ArtSeen
NATE ETHIER:
Wilderness
On View
LMAKFebruary 9 – March 18, 2018
New York
Nate Ethier’s recent exhibit at LMAK is titled Wilderness, and the eight paintings in this show walk us through geometric abstraction’s endless possibilities. Ethier’s mid-size paintings engage in a regenerative abstraction. The artist paints geometric forms built up through color shifts, transparencies, and opacities, but form is never quite solid. He uses repetitive shapes that act as motifs creating geometric patterns, offset by washy, gradient fields or painterly swirling marks against matte, flat blacks and purple-blues lending these works a stark, graphic quality. Ethier engages in two kindred painting approaches in this show, with some works that are tight and loose, and others that are slicker, paired downed versions of the former. His use of acrylic is similar to Prisma color colored markers, the kinds of doodles one would make in a sketchbook where the filmy medium saturates into the paper, but here it is tightened, scaled up, and the effect bears unanticipated results.
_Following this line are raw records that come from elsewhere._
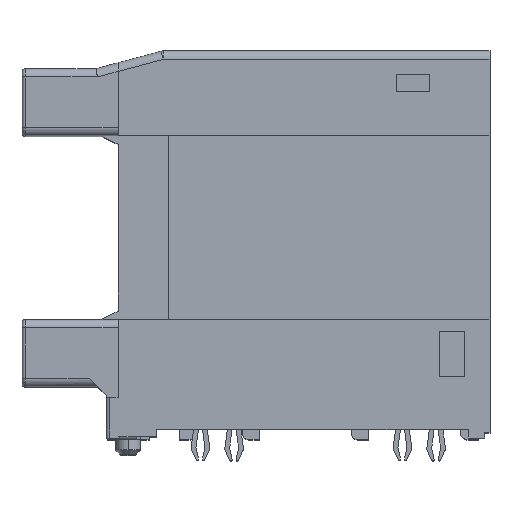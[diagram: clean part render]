
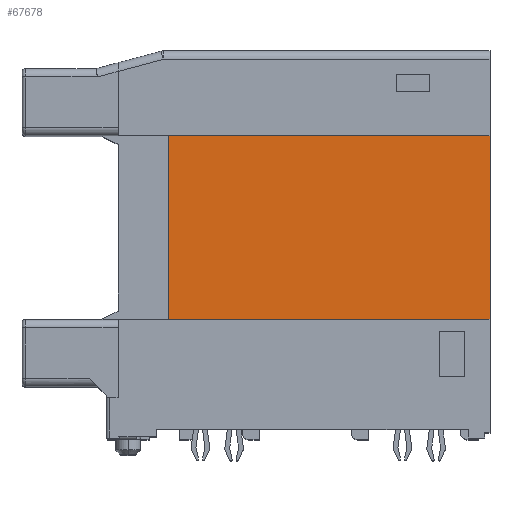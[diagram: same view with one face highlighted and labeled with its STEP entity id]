
A CAD part, top view. The second image highlights one B-rep face of the part: STEP entity #67678.
In plain terms, the highlighted planar face has unit normal (0, 0, 1).
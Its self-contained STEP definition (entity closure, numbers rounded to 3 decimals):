
#4810=DIRECTION('',(0.,1.,0.));
#4811=VECTOR('',#4810,10.9);
#4812=CARTESIAN_POINT('',(22.9,6.72,9.935));
#4813=LINE('',#4812,#4811);
#17184=DIRECTION('',(-1.,0.,0.));
#17185=VECTOR('',#17184,19.09);
#17186=CARTESIAN_POINT('',(22.9,17.62,9.935));
#17187=LINE('',#17186,#17185);
#18400=DIRECTION('',(0.,1.,0.));
#18401=VECTOR('',#18400,10.9);
#18402=CARTESIAN_POINT('',(3.81,6.72,9.935));
#18403=LINE('',#18402,#18401);
#18404=DIRECTION('',(-1.,0.,0.));
#18405=VECTOR('',#18404,19.09);
#18406=CARTESIAN_POINT('',(22.9,6.72,9.935));
#18407=LINE('',#18406,#18405);
#32907=CARTESIAN_POINT('',(22.9,6.72,9.935));
#32908=VERTEX_POINT('',#32907);
#32909=CARTESIAN_POINT('',(22.9,17.62,9.935));
#32910=VERTEX_POINT('',#32909);
#38483=CARTESIAN_POINT('',(3.81,6.72,9.935));
#38484=VERTEX_POINT('',#38483);
#38558=CARTESIAN_POINT('',(3.81,17.62,9.935));
#38559=VERTEX_POINT('',#38558);
#67666=CARTESIAN_POINT('',(0.81,17.62,9.935));
#67667=DIRECTION('',(0.,0.,-1.));
#67668=DIRECTION('',(0.,-1.,0.));
#67669=AXIS2_PLACEMENT_3D('',#67666,#67667,#67668);
#67670=PLANE('',#67669);
#67672=ORIENTED_EDGE('',*,*,#67671,.T.);
#67673=ORIENTED_EDGE('',*,*,#65859,.F.);
#67674=ORIENTED_EDGE('',*,*,#48480,.F.);
#67675=ORIENTED_EDGE('',*,*,#50827,.T.);
#67676=EDGE_LOOP('',(#67672,#67673,#67674,#67675));
#67677=FACE_OUTER_BOUND('',#67676,.F.);
#67678=ADVANCED_FACE('',(#67677),#67670,.F.);
#48480=EDGE_CURVE('',#32908,#32910,#4813,.T.);
#50827=EDGE_CURVE('',#32908,#38484,#18407,.T.);
#65859=EDGE_CURVE('',#32910,#38559,#17187,.T.);
#67671=EDGE_CURVE('',#38484,#38559,#18403,.T.);
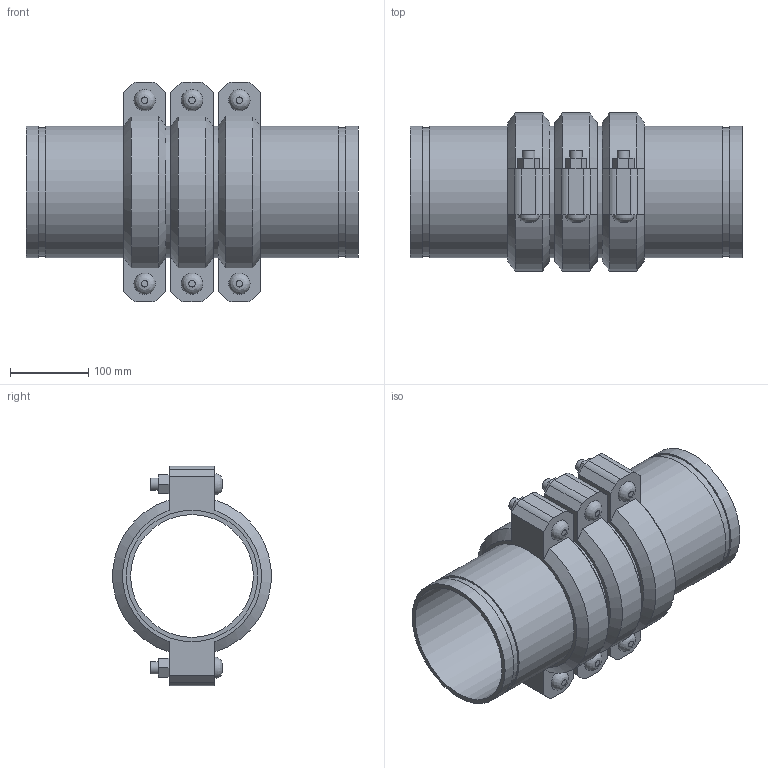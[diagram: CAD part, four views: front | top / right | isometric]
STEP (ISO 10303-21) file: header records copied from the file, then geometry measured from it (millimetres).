
FILE_DESCRIPTION(/* description */ ('VIC EXPANSION JOINT 3 COUPLINGS COMPRESSED STYLE 155 (OGS)','CAx-IF Rec.Pracs.---Representation and Presentation of Product Manufacturing Information (PMI)---4.0---2014-10-13'),/* implementation_level */ '2;1');
FILE_NAME(/* name */ 'C:\Users\kkamble\AppData\Roaming\Autodesk\ApplicationPlugins\Victaulic.Temp\A971\Victaulic_IPS_Expansion Joint_Compressed_3 Couplings_Style 155 (OGS)_6 (150).stp',/* time_stamp */ '2021-06-27T00:25:47+02:00',/* author */ ('kkamble'),/* organization */ ('Victaulic'),/* preprocessor_version */ 'ST-DEVELOPER v17.2',/* originating_system */ 'Autodesk Inventor 2019',/* authorisation */ '');
FILE_SCHEMA (('AP242_MANAGED_MODEL_BASED_3D_ENGINEERING_MIM_LF { 1 0 10303 442 1 1 4 }'));
Length unit declared in the file: inch
Products named in the file (4): 155-06.0; Nipple-06.0; Nipple-06.0_1; 075_3_Coup-06.0
Assembly tree (7 placements, depth 2):
  155-06.0
    Nipple-06.0  x2
    Nipple-06.0_1  x2
    075_3_Coup-06.0  x3
Bounding box: 424.94 x 202.46 x 281.18 mm (x, y, z)
Volume: 3369388.2 mm3; surface area: 812320.4 mm2
Topology: 7 solids, 13 shells, 219 faces, 519 edges, 366 vertices
Faces by surface type: plane 132, cylinder 69, cone 12, bspline 6
Full cylindrical faces by diameter (mm): 15.875 x12, 17.424 x6, 157.15 x4, 161.925 x3, 163.957 x8, 168.275 x18
Entity records: 2778 total; most frequent: CARTESIAN_POINT 491, DIRECTION 457, ORIENTED_EDGE 386, EDGE_CURVE 193, AXIS2_PLACEMENT_3D 182, VERTEX_POINT 138, EDGE_LOOP 107, LINE 93
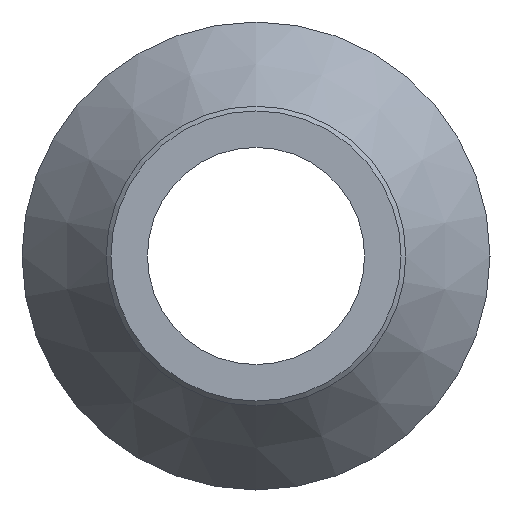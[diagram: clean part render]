
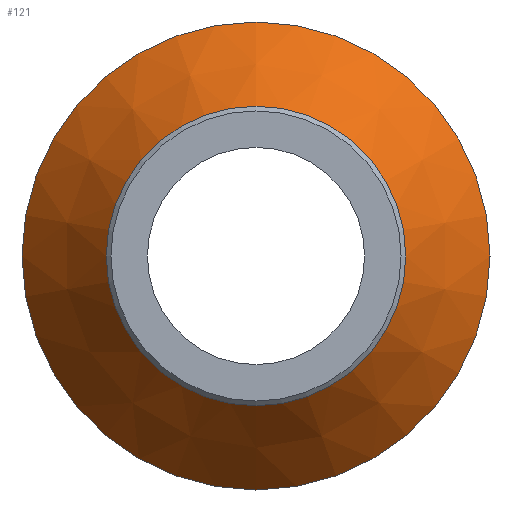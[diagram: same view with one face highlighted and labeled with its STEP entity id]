
A CAD part, left-side view. The second image highlights one B-rep face of the part: STEP entity #121.
In plain terms, the highlighted conical face has half-angle 36.87 degrees and reference radius 25 mm.
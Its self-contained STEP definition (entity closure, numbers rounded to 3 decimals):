
#22=CONICAL_SURFACE('',#146,25.,0.644);
#28=ORIENTED_EDGE('',*,*,#48,.F.);
#29=ORIENTED_EDGE('',*,*,#47,.T.);
#47=EDGE_CURVE('',#57,#57,#67,.T.);
#48=EDGE_CURVE('',#58,#58,#68,.T.);
#57=VERTEX_POINT('',#210);
#58=VERTEX_POINT('',#213);
#67=CIRCLE('',#145,25.);
#68=CIRCLE('',#147,16.);
#78=EDGE_LOOP('',(#28));
#79=EDGE_LOOP('',(#29));
#98=FACE_BOUND('',#78,.T.);
#99=FACE_BOUND('',#79,.T.);
#121=ADVANCED_FACE('',(#98,#99),#22,.T.);
#145=AXIS2_PLACEMENT_3D('',#209,#169,#170);
#146=AXIS2_PLACEMENT_3D('',#211,#171,#172);
#147=AXIS2_PLACEMENT_3D('',#212,#173,#174);
#169=DIRECTION('',(-1.,0.,0.));
#170=DIRECTION('',(0.,0.,1.));
#171=DIRECTION('',(1.,0.,0.));
#172=DIRECTION('',(0.,0.,-1.));
#173=DIRECTION('',(-1.,0.,0.));
#174=DIRECTION('',(0.,0.,1.));
#209=CARTESIAN_POINT('',(6.,0.,0.));
#210=CARTESIAN_POINT('',(6.,0.,25.));
#211=CARTESIAN_POINT('',(6.,0.,0.));
#212=CARTESIAN_POINT('',(-6.,0.,0.));
#213=CARTESIAN_POINT('',(-6.,0.,16.));

A familiar criticism of geometric abstract painting is that it is predictable and leads to already well-trodden territory. This is the case in the works of many young abstract painters today. The model is as follows: hone a technique and then churn out uninspired versions of once major painting. In contrast, Ethier has more than a few clever techniques at his disposal. These are works that complicate the binaries—figure/ground, surface/image, systems/chaos, and joy/sadness. Other critics today seem to ask a terribly naive question: why abstraction in a time of political and social crisis? This logic would seem to indicate that the only way to address the world is to be matter of fact. Good paintings, abstract or representational, transmute content, enfolding whatever subject at hand into its language—the more specific the painting language the more interesting the painting. The reverse is not true.
Ethier is in good company with this suite of pop-abstractions, aligning himself with painters like Dan Walsh, Gary Petersen, and Holly Coulis. Walsh and Petersen both make process paintings beginning with a defined set of rules where simple forms repeat and sometimes break with a sequence, creating a dialog between systems and chaos. Ethier engages in the same polarities but includes the gesture to offset his geometry. Coulis is interested in a still life that meets abstraction, and uses radiating colored contours that make all her objects stand out or recede. Ethier’s paintings are a middle ground between these sensibilities, with works that veer closer to pure abstraction, yet with forms and titles that are the occasional nod to the landscape.
Clouds & Rainbows (2017) is an example of such a nod, masterfully executed in two canvases with a pastel pink, baby blue, and creamy yellow bar pattern that creates a color field first layer. On top of this lie purple and ochre chevron patterns, vertical, black T shapes, and patches of black gestural marks that punctuate the entire work. It evokes a horizon full of contrasts and dualities. The layering is baffling, the patterns are complex, and the imagery vacillates between over and under. Bisecting this work into two panels suggests a certain self-consciousness about the painting’s status as a unique, irreproducible object and copy.
Paintings like Midnight Choir (2017) operate in a subtler manner with offset rectangles and triangles divided into high key contrasts of large, light and dark L brackets that vertically descend. This painting engages in some deeper tonal ranges with plenty of moody atmosphere and a sobering title lifted from Leonard Cohen’s melancholic 1969 song “Bird on the Wire.” It’s a fitting work for a year that left a bitter taste in the mouth of Americans. The lighter L brackets are made of creamy yellows, pale orange, baby blues, cerulean, cadmium red, and a bright purple, whereas the darker L brackets are composed of dark blues and purples and blacks, causing the lighter L shapes to recede, cut out of the painting, and at other times advance out of the plane with near-illusionistic depth. This work has less hard edge geometry and a bit more painterly exploration lending it a softer read.
Nate Ethier, Not Fade Away, 2017. Acrylic on canvas, 63 x 60 inches. Courtesy the artist and LMAKgallery, NY
Not Fade Away (2017) is the most sober painting in the show, capturing a longing to keep a sense of hope and joy in an uncertain world. Here, jubilant, rainbow-colored gestural hash marks are composed of vivid reds, orange, blues, purples, and yellows and vary in hue and opacity. Each set of marks occupies a square format, glazed over with varying tonalities producing a grid pattern. Six large black triangles break the painting into upper, middle, and lower sections. Upon first read, the triangles appear to be rather dense, with a closer look they too vary in hue and surface with some sections painted dry and matte against glossy, polished patches. The triangles anchor the painting, without overly weighting it, maintaining a buoyancy of form achieved by subtle glazing. This painting, which is the first one in Ethier’s latest series, is the lynchpin of the show. Wilderness as a group of paintings do not belie their moment; rather, they are deeply engaged with the sentiment of a shifting political and social landscape, proving once again that abstraction can just as easily speak to an external world as well as representation, and in this case, with more poignancy than some of the more illustrative and wanting examples of politically-charged painting today.